First off, credit goes to @Tony as the one he made for the challenge is what prompted me to make my forest. If he, or @William Tanner have any comments or suggestions, please chime in.

I didn't have enough good pictures when I made my forest, so went out this afternoon to make one more and document the process better.

I started with a blank somewhere around 2" diameter, about long enough to look proportional for a tree. Didn't measure anything, just grabbed a bunch of spindle blanks from about 1.5 -2". 

Mark centers on both ends and on the headstock end draw a circle and then mark three centers on the circle about 120° apart. I didn't measure them, just eye balled them. Although I used a compass to draw the circle, could just as easy draw it by hand.





Mount it on center, round it and then shape it to a tree shape. I used a stab center to turn these. Leave plenty of room on the tail stock side to complete the tree. Also leave plenty of room on the head stock side for a tree trunk and a little base if you want one. I don't round over the head stock side until later. The reason for that is to prevent me from rounding it too close to the off center axis points (which I did on the first couple I tried). 

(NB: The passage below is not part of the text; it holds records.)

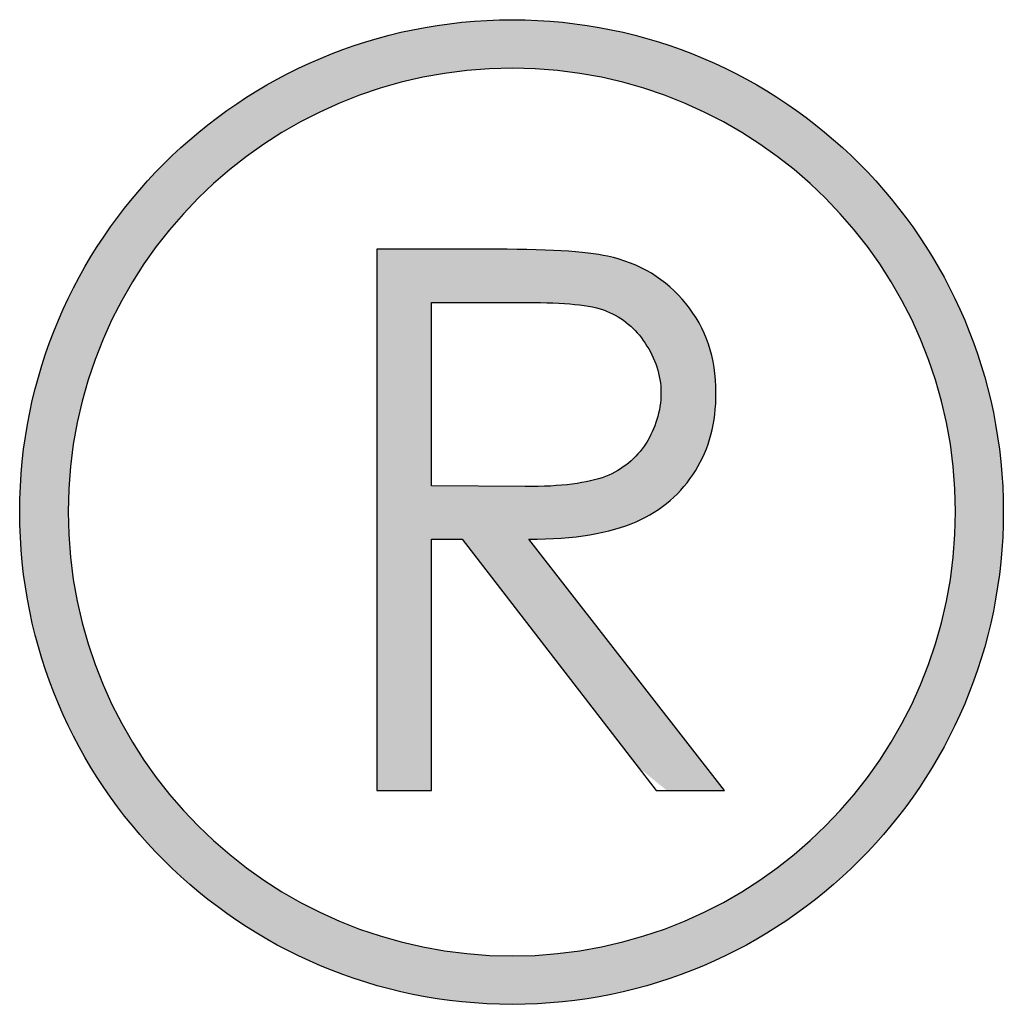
# Model space of a CAD drawing. Header units: millimetres. Extents: x 14844 to 15142, y 1964 to 2174.
# Tile 15 of 19: x 15070.463 to 15071.156, y 1997.567 to 1998.261. Entities that reach past the tile are written whole.
import ezdxf

# ---------------------------------------------------------------- set-up
doc = ezdxf.new("R2010")
doc.units = ezdxf.units.MM
doc.header["$LTSCALE"] = 30.734
doc.layers.add('03 标注', color=7, linetype='CONTINUOUS')
doc.layers.add('04 \\M+2A4E5\\M+2A672', color=1, linetype='CONTINUOUS')

# ---------------------------------------------------------------- blocks, each defined once
blk = doc.blocks.new('quectel-logo')
at = {"layer": '04 \\M+2A4E5\\M+2A672'}
h = blk.add_hatch(color=256, dxfattribs=at)
h.dxf.hatch_style = 1
edge = h.paths.add_edge_path()
edge.add_spline(control_points=[(29.9158, 3.3238), (29.6276, 3.3238), (29.3949, 3.0907), (29.3949, 2.8034)], knot_values=[0, 0, 0, 0, 1, 1, 1, 1], degree=3, periodic=0)
edge.add_spline(control_points=[(29.3949, 2.8034), (29.3949, 2.515), (29.6276, 2.2823), (29.9158, 2.2823)], knot_values=[1, 1, 1, 1, 2, 2, 2, 2], degree=3, periodic=0)
edge.add_spline(control_points=[(29.9158, 2.2823), (30.2025, 2.2823), (30.4349, 2.515), (30.4349, 2.8034)], knot_values=[2, 2, 2, 2, 3, 3, 3, 3], degree=3, periodic=0)
edge.add_spline(control_points=[(30.4349, 2.8034), (30.4349, 3.0907), (30.2025, 3.3238), (29.9158, 3.3238)], knot_values=[3, 3, 3, 3, 4, 4, 4, 4], degree=3, periodic=0)
edge = h.paths.add_edge_path(flags=16)
edge.add_spline(control_points=[(29.9158, 3.2725), (30.1741, 3.2725), (30.3844, 3.062), (30.3844, 2.8034)], knot_values=[2, 2, 2, 2, 3, 3, 3, 3], degree=3, periodic=0)
edge.add_spline(control_points=[(30.3844, 2.8034), (30.3844, 2.5437), (30.1741, 2.3335), (29.9158, 2.3335)], knot_values=[3, 3, 3, 3, 4, 4, 4, 4], degree=3, periodic=0)
edge.add_spline(control_points=[(29.9158, 2.3335), (29.6562, 2.3335), (29.4461, 2.5437), (29.4461, 2.8034)], knot_values=[0, 0, 0, 0, 1, 1, 1, 1], degree=3, periodic=0)
edge.add_spline(control_points=[(29.4461, 2.8034), (29.4461, 3.062), (29.6562, 3.2725), (29.9158, 3.2725)], knot_values=[1, 1, 1, 1, 2, 2, 2, 2], degree=3, periodic=0)
edge = h.paths.add_edge_path(flags=0)
edge.add_spline(control_points=[(30.0993, 3.0235), (30.1204, 2.9977), (30.1311, 2.9663), (30.1311, 2.9291)], knot_values=[3, 3, 3, 3, 4, 4, 4, 4], degree=3, periodic=0)
edge.add_spline(control_points=[(30.1311, 2.9291), (30.1311, 2.8977), (30.1241, 2.87), (30.1094, 2.8467)], knot_values=[4, 4, 4, 4, 5, 5, 5, 5], degree=3, periodic=0)
edge.add_spline(control_points=[(30.0466, 2.7926), (30.074, 2.805), (30.0947, 2.8228), (30.1094, 2.8467)], knot_values=[5, 5, 5, 5, 6, 6, 6, 6], degree=3, periodic=0)
edge.add_spline(control_points=[(30.0466, 2.7926), (30.0192, 2.7808), (29.9818, 2.7743), (29.9332, 2.7743), (29.9332, 2.7743), (29.9728, 2.7234), (30.0173, 2.6661)], knot_values=[6, 6, 6, 6, 7, 7, 7, 7.437561, 7.437561, 7.437561, 7.437561], degree=3, periodic=0)
edge.add_spline(control_points=[(30.0173, 2.6661), (30.0618, 2.6089), (30.1113, 2.5453), (30.1311, 2.5198)], knot_values=[7.437561, 7.437561, 7.437561, 7.437561, 7.875052, 7.875052, 7.875052, 7.875052], degree=3, periodic=0)
edge.add_spline(control_points=[(30.1311, 2.5198), (30.1336, 2.5166), (30.1356, 2.5141), (30.137, 2.5122)], knot_values=[7.875052, 7.875052, 7.875052, 7.875052, 7.929739, 7.929739, 7.929739, 7.929739], degree=3, periodic=0)
edge.add_spline(control_points=[(30.137, 2.5122), (30.1385, 2.5103), (30.1395, 2.509), (30.1398, 2.5086)], knot_values=[7.929739, 7.929739, 7.929739, 7.929739, 7.984425, 7.984425, 7.984425, 7.984425], degree=3, periodic=0)
edge.add_spline(control_points=[(30.1398, 2.5086), (30.1399, 2.5085), (30.1399, 2.5085), (30.1399, 2.5085)], knot_values=[7.984425, 7.984425, 7.984425, 7.984425, 7.991261, 7.991261, 7.991261, 7.991261], degree=3, periodic=0)
edge.add_spline(control_points=[(30.1399, 2.5085), (30.1399, 2.5084), (30.14, 2.5084), (30.14, 2.5084)], knot_values=[7.991261, 7.991261, 7.991261, 7.991261, 7.998097, 7.998097, 7.998097, 7.998097], degree=3, periodic=0)
edge.add_spline(control_points=[(30.14, 2.5084), (30.14, 2.5084), (30.14, 2.5084), (30.14, 2.5084)], knot_values=[7.998097, 7.998097, 7.998097, 7.998097, 7.998951, 7.998951, 7.998951, 7.998951], degree=3, periodic=0)
edge.add_spline(control_points=[(30.1233, 2.5084), (30.1165, 2.5084), (30.1085, 2.5084), (30.1006, 2.5084)], knot_values=[8.312544, 8.312544, 8.312544, 8.312544, 8.531289, 8.531289, 8.531289, 8.531289], degree=3, periodic=0)
edge.add_spline(control_points=[(30.1006, 2.5084), (30.0928, 2.5084), (30.0852, 2.5084), (30.0793, 2.5084)], knot_values=[8.531289, 8.531289, 8.531289, 8.531289, 8.750035, 8.750035, 8.750035, 8.750035], degree=3, periodic=0)
edge.add_spline(control_points=[(30.0793, 2.5084), (30.0763, 2.5084), (30.0738, 2.5084), (30.0719, 2.5084)], knot_values=[8.750035, 8.750035, 8.750035, 8.750035, 8.859408, 8.859408, 8.859408, 8.859408], degree=3, periodic=0)
edge.add_spline(control_points=[(30.0719, 2.5084), (30.07, 2.5084), (30.0687, 2.5084), (30.0682, 2.5084)], knot_values=[8.859408, 8.859408, 8.859408, 8.859408, 8.968781, 8.968781, 8.968781, 8.968781], degree=3, periodic=0)
edge.add_spline(control_points=[(30.0682, 2.5084), (30.0682, 2.5084), (30.0681, 2.5084), (30.0681, 2.5084)], knot_values=[8.968781, 8.968781, 8.968781, 8.968781, 8.982452, 8.982452, 8.982452, 8.982452], degree=3, periodic=0)
edge.add_spline(control_points=[(30.0681, 2.5084), (30.0681, 2.5084), (30.068, 2.5084), (30.068, 2.5084)], knot_values=[8.982452, 8.982452, 8.982452, 8.982452, 8.996124, 8.996124, 8.996124, 8.996124], degree=3, periodic=0)
edge.add_spline(control_points=[(30.068, 2.5084), (30.068, 2.5084), (30.068, 2.5084), (30.068, 2.5084)], knot_values=[8.996124, 8.996124, 8.996124, 8.996124, 8.997833, 8.997833, 8.997833, 8.997833], degree=3, periodic=0)
edge.add_spline(control_points=[(30.068, 2.5084), (30.068, 2.5084), (30.068, 2.5084), (30.068, 2.5084), (30.068, 2.5084), (30.068, 2.5084), (30.068, 2.5084)], knot_values=[8.997833, 8.997833, 8.997833, 8.997833, 9, 9, 9, 9.002105, 9.002105, 9.002105, 9.002105], degree=3, periodic=0)
edge.add_spline(control_points=[(30.068, 2.5084), (30.068, 2.5084), (30.068, 2.5084), (30.068, 2.5084)], knot_values=[9.002105, 9.002105, 9.002105, 9.002105, 9.00296, 9.00296, 9.00296, 9.00296], degree=3, periodic=0)
edge.add_spline(control_points=[(30.068, 2.5084), (30.068, 2.5084), (30.068, 2.5084), (30.068, 2.5084)], knot_values=[9.00296, 9.00296, 9.00296, 9.00296, 9.006378, 9.006378, 9.006378, 9.006378], degree=3, periodic=0)
edge.add_spline(control_points=[(30.068, 2.5084), (30.068, 2.5085), (30.068, 2.5085), (30.068, 2.5085)], knot_values=[9.006378, 9.006378, 9.006378, 9.006378, 9.009795, 9.009795, 9.009795, 9.009795], degree=3, periodic=0)
edge.add_spline(control_points=[(30.068, 2.5085), (30.068, 2.5085), (30.0679, 2.5086), (30.0679, 2.5086)], knot_values=[9.009795, 9.009795, 9.009795, 9.009795, 9.016631, 9.016631, 9.016631, 9.016631], degree=3, periodic=0)
edge.add_spline(control_points=[(30.0679, 2.5086), (30.0678, 2.5087), (30.0678, 2.5088), (30.0677, 2.5088)], knot_values=[9.016631, 9.016631, 9.016631, 9.016631, 9.023467, 9.023467, 9.023467, 9.023467], degree=3, periodic=0)
edge.add_spline(control_points=[(30.0677, 2.5088), (30.0674, 2.5092), (30.067, 2.5097), (30.0665, 2.5104)], knot_values=[9.023467, 9.023467, 9.023467, 9.023467, 9.05081, 9.05081, 9.05081, 9.05081], degree=3, periodic=0)
edge.add_spline(control_points=[(30.0665, 2.5104), (30.066, 2.5111), (30.0653, 2.512), (30.0645, 2.513)], knot_values=[9.05081, 9.05081, 9.05081, 9.05081, 9.078153, 9.078153, 9.078153, 9.078153], degree=3, periodic=0)
edge.add_spline(control_points=[(30.0645, 2.513), (30.0629, 2.5151), (30.0607, 2.5179), (30.0581, 2.5212)], knot_values=[9.078153, 9.078153, 9.078153, 9.078153, 9.13284, 9.13284, 9.13284, 9.13284], degree=3, periodic=0)
edge.add_spline(control_points=[(30.0581, 2.5212), (30.0555, 2.5246), (30.0525, 2.5285), (30.0491, 2.533)], knot_values=[9.13284, 9.13284, 9.13284, 9.13284, 9.187526, 9.187526, 9.187526, 9.187526], degree=3, periodic=0)
edge.add_spline(control_points=[(30.0491, 2.533), (30.0354, 2.5507), (30.0156, 2.5763), (29.9939, 2.6044)], knot_values=[9.187526, 9.187526, 9.187526, 9.187526, 9.406272, 9.406272, 9.406272, 9.406272], degree=3, periodic=0)
edge.add_spline(control_points=[(29.9939, 2.6044), (29.9722, 2.6325), (29.9487, 2.6629), (29.9277, 2.6902)], knot_values=[9.406272, 9.406272, 9.406272, 9.406272, 9.625017, 9.625017, 9.625017, 9.625017], degree=3, periodic=0)
edge.add_spline(control_points=[(29.9277, 2.6902), (29.9172, 2.7038), (29.9072, 2.7166), (29.8985, 2.728)], knot_values=[9.625017, 9.625017, 9.625017, 9.625017, 9.73439, 9.73439, 9.73439, 9.73439], degree=3, periodic=0)
edge.add_spline(control_points=[(29.8985, 2.728), (29.8897, 2.7393), (29.8821, 2.7492), (29.8762, 2.7569)], knot_values=[9.73439, 9.73439, 9.73439, 9.73439, 9.843763, 9.843763, 9.843763, 9.843763], degree=3, periodic=0)
edge.add_spline(control_points=[(29.8627, 2.7743), (29.8627, 2.7743), (29.8627, 2.7743), (29.8627, 2.7743), (29.8627, 2.7743), (29.8627, 2.7743), (29.8627, 2.7743)], knot_values=[9.999278, 9.999278, 9.999278, 9.999278, 10, 10, 10, 10.004404, 10.004404, 10.004404, 10.004404], degree=3, periodic=0)
edge.add_spline(control_points=[(29.8303, 2.7743), (29.8303, 2.7743), (29.8303, 2.7743), (29.8303, 2.7743), (29.8303, 2.7743), (29.8303, 2.7737), (29.8303, 2.7726)], knot_values=[10.992178, 10.992178, 10.992178, 10.992178, 11, 11, 11, 11.046864, 11.046864, 11.046864, 11.046864], degree=3, periodic=0)
edge.add_spline(control_points=[(29.8303, 2.7726), (29.8303, 2.7713), (29.8303, 2.7693), (29.8303, 2.7666)], knot_values=[11.046864, 11.046864, 11.046864, 11.046864, 11.10155, 11.10155, 11.10155, 11.10155], degree=3, periodic=0)
edge.add_spline(control_points=[(29.8303, 2.7666), (29.8303, 2.764), (29.8303, 2.7607), (29.8303, 2.7569)], knot_values=[11.10155, 11.10155, 11.10155, 11.10155, 11.156237, 11.156237, 11.156237, 11.156237], degree=3, periodic=0)
edge.add_spline(control_points=[(29.8303, 2.7569), (29.8303, 2.7492), (29.8303, 2.7393), (29.8303, 2.728)], knot_values=[11.156237, 11.156237, 11.156237, 11.156237, 11.26561, 11.26561, 11.26561, 11.26561], degree=3, periodic=0)
edge.add_spline(control_points=[(29.8303, 2.728), (29.8303, 2.7166), (29.8303, 2.7038), (29.8303, 2.6902)], knot_values=[11.26561, 11.26561, 11.26561, 11.26561, 11.374982, 11.374982, 11.374982, 11.374982], degree=3, periodic=0)
edge.add_spline(control_points=[(29.8303, 2.6902), (29.8303, 2.6629), (29.8303, 2.6325), (29.8303, 2.6044)], knot_values=[11.374982, 11.374982, 11.374982, 11.374982, 11.593728, 11.593728, 11.593728, 11.593728], degree=3, periodic=0)
edge.add_spline(control_points=[(29.8303, 2.6044), (29.8303, 2.5763), (29.8303, 2.5507), (29.8303, 2.533)], knot_values=[11.593728, 11.593728, 11.593728, 11.593728, 11.812474, 11.812474, 11.812474, 11.812474], degree=3, periodic=0)
edge.add_spline(control_points=[(29.8303, 2.533), (29.8303, 2.5285), (29.8303, 2.5246), (29.8303, 2.5212)], knot_values=[11.812474, 11.812474, 11.812474, 11.812474, 11.86716, 11.86716, 11.86716, 11.86716], degree=3, periodic=0)
edge.add_spline(control_points=[(29.8303, 2.5212), (29.8303, 2.5179), (29.8303, 2.5151), (29.8303, 2.513)], knot_values=[11.86716, 11.86716, 11.86716, 11.86716, 11.921847, 11.921847, 11.921847, 11.921847], degree=3, periodic=0)
edge.add_spline(control_points=[(29.8303, 2.513), (29.8303, 2.512), (29.8303, 2.5111), (29.8303, 2.5104)], knot_values=[11.921847, 11.921847, 11.921847, 11.921847, 11.94919, 11.94919, 11.94919, 11.94919], degree=3, periodic=0)
edge.add_spline(control_points=[(29.8303, 2.5104), (29.8303, 2.5097), (29.8303, 2.5092), (29.8303, 2.5088)], knot_values=[11.94919, 11.94919, 11.94919, 11.94919, 11.976533, 11.976533, 11.976533, 11.976533], degree=3, periodic=0)
edge.add_spline(control_points=[(29.8303, 2.5088), (29.8303, 2.5088), (29.8303, 2.5087), (29.8303, 2.5086)], knot_values=[11.976533, 11.976533, 11.976533, 11.976533, 11.983369, 11.983369, 11.983369, 11.983369], degree=3, periodic=0)
edge.add_spline(control_points=[(29.8303, 2.5086), (29.8303, 2.5086), (29.8303, 2.5085), (29.8303, 2.5085)], knot_values=[11.983369, 11.983369, 11.983369, 11.983369, 11.990205, 11.990205, 11.990205, 11.990205], degree=3, periodic=0)
edge.add_spline(control_points=[(29.8303, 2.5085), (29.8303, 2.5085), (29.8303, 2.5085), (29.8303, 2.5084)], knot_values=[11.990205, 11.990205, 11.990205, 11.990205, 11.993622, 11.993622, 11.993622, 11.993622], degree=3, periodic=0)
edge.add_spline(control_points=[(29.8303, 2.5084), (29.8303, 2.5084), (29.8303, 2.5084), (29.8303, 2.5084)], knot_values=[11.993622, 11.993622, 11.993622, 11.993622, 11.99704, 11.99704, 11.99704, 11.99704], degree=3, periodic=0)
edge.add_spline(control_points=[(29.8303, 2.5084), (29.8303, 2.5084), (29.8303, 2.5084), (29.8303, 2.5084)], knot_values=[11.99704, 11.99704, 11.99704, 11.99704, 11.997895, 11.997895, 11.997895, 11.997895], degree=3, periodic=0)
edge.add_spline(control_points=[(29.8303, 2.5084), (29.8303, 2.5084), (29.8303, 2.5084), (29.8303, 2.5084)], knot_values=[11.997895, 11.997895, 11.997895, 11.997895, 11.998749, 11.998749, 11.998749, 11.998749], degree=3, periodic=0)
edge.add_spline(control_points=[(29.8213, 2.5084), (29.8166, 2.5084), (29.8105, 2.5084), (29.8042, 2.5084)], knot_values=[12.249965, 12.249965, 12.249965, 12.249965, 12.468711, 12.468711, 12.468711, 12.468711], degree=3, periodic=0)
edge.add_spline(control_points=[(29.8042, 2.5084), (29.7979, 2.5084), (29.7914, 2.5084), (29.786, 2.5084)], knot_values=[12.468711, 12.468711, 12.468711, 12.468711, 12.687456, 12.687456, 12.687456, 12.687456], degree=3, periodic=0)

After you have the shape you want, draw some lines in multiples of three. I don't measure these either, just eyeball it. On some of the trees that were about 6" tall I used as many as 15, on short trees, as few as 9.





Some tutorials I saw recommended using different colored sharpies for every third line to help keep your place while turning, but I didn't think it was that hard to keep track. On first off axis, cut one lines 1,4,7; second axis is line 2,5,8, etc....

Mount on one of the off center axis points and crank the speed up if you haven't already. *Dont forget to move the toolrest when you go off center*! I turned these at 3000 rpm or more. The speed helps see the lines and, helps with cleaner cuts when you are turning air.





The other thing that helps to see what you are doing is to have a overhead light shining down on the front side. 

I guess I didn't mention it earlier, but you are changing axis points only on the head stock. The piece remains on center on tail stock side.

This picture shows the piece at speed. The lines are still easy to see at high speed.





Now start making you grooves. IMO a skew is the ideal tool for this. Long point down and just a couple of plunge cuts and groove is done. If you've never used a skew before, or are nervous about using it, this is the perfect project to try it out.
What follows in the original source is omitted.